顧局有些遺憾,隨即他笑著點頭:“也好,你們是住在親戚家里,還是住在招待所?又或者當天來回?”
“這個說不準,”秦元九繼續強勢地握著掙扎不斷的小手,輕笑著道:“得看她姨奶病得如何了,要是我對象真會看,可能還要耽擱些時間,這都說不準。”
“那行,我這幾天要住在局子旁邊的招待所,有事你們就跟我聯系。”
顧局沒有繼續問,反而很熱情地又補充道:“你們要是回去的話,也可以打個招呼,讓司機同志送你們回去,反正他也時常來回捎送點資料。”
秦元九謝過。
倆人又開始討論之前的一些案子。
柯美虞則小雞啄米起來。
秦元九勾起唇角,將人摟入懷里,給她調整了舒服的姿勢,然后跟顧局說話的聲音都小聲許多。
顧局一臉了然地打趣道:“小秦同志有能力又顧家,你對象可有福氣了。”
秦元九低頭將柯美虞的碎發給攏到一邊,笑著搖頭:“不,能遇上她,是我的福氣。”
柯美虞瞧著燈火通明奢華的別墅外,風雨大作,雨點夾雜著冰雹重重地砸在鋼化玻璃上,像是密集的鼓點,讓這個夜晚帶上不一樣的印記。
她明白自己這是又入夢了!
第一次入應晏的夢是她完成一個任務又接了另一個任務的時候,第二次是她跟著大反派去省城的路上,這次又是?!
與外面的熱鬧相比,別墅里卻有著異樣的寂靜,似是被世界遺忘般。
突然噼啪一聲,恍如驚雷的聲音從二樓傳來。
柯美虞在雨夜里仍舊能辨認出,隨即稚兒痛苦的悶哼聲。
緊接著又是一陣皮子抽打皮肉的脆響,“你算什么東西,敢搶了我兒子的風頭?”
“你娘搶我的男人,你來搶我兒子的東西。呵,我告訴你應晏,你是應家人,不是我們常家的。”
“就連你爹都是娶了我才有了今日的風光,你一個野種,能讓你有個棲身之地就不錯了,還敢伸手要別的?”
“小張,給我使勁地打,什么時候打斷這跟皮帶,什么時候算完!”
“讓他長長教訓,吃喝玩樂不好嗎,家里不會短了你的錢。

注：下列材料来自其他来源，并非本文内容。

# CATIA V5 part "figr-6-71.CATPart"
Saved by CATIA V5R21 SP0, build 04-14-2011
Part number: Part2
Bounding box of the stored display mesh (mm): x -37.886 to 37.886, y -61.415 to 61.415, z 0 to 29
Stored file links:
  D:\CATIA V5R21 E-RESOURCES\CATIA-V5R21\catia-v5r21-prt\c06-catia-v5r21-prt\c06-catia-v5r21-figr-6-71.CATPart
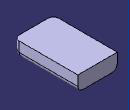
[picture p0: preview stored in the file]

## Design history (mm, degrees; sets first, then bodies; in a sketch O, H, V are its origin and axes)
Body1 (main body)
  Sketch1 on xy-plane, origin (0, 0, 0), H (1, 0, 0), V (0, 1, 0)
    line L1 (37.8862, 61.4155) -> (37.8862, -61.4155)
    line L2 (37.8862, -61.4155) -> (-37.8862, -61.4155)
    line L3 (-37.8862, -61.4155) -> (-37.8862, 61.4155)
    line L4 (-37.8862, 61.4155) -> (37.8862, 61.4155)
    vertical: L1 V, L3 V
    horizontal: L2 H, L4 H
    equidistance: L1 L3 O, L2 L4 O
  Pad1: profile Sketch1, direction (0, 0, 1), length 29
  Fillet1: radius 10, on edge [face of Pad1 | face of Pad1] (x5)

呵,一個小野種也想通過努力壓過我兒,真是異想天開……”
她臉色一沉,速度極快地上樓,尋到書房砰地一聲給踹開門。
呵,大佬是對她管這管那,不給她自由,還冷情冷肺眼睜睜看著她的一眾玩伴們一一葬身喪尸腹部。
他不善良,不會見到老弱婦孺就伸手搭救;他不懂得感情,一張臉永久都是一個表情;他不會體諒人,不知道休息為何物,跟個不停運轉的機器一樣,卻唯獨對她執著。
下面的人對她又恨又無奈,說她就是大佬身上那根發條,只要有她在,那么大佬就會為了給她建造一個烏托邦,而不停地運作!
大家都說大佬對她好,而她永遠都不知足,不感恩,從不努力,像她這樣的弱雞,不該存在于末世。
或許在某種程度上來說,她跟大佬是一樣的人吧。
但是大佬再不好,他也該高傲地活著!
她不允許誰如此折辱他。
柯美虞睜大眼睛看著那皮鞭要抽到小人兒身上,身體先一步撲上去。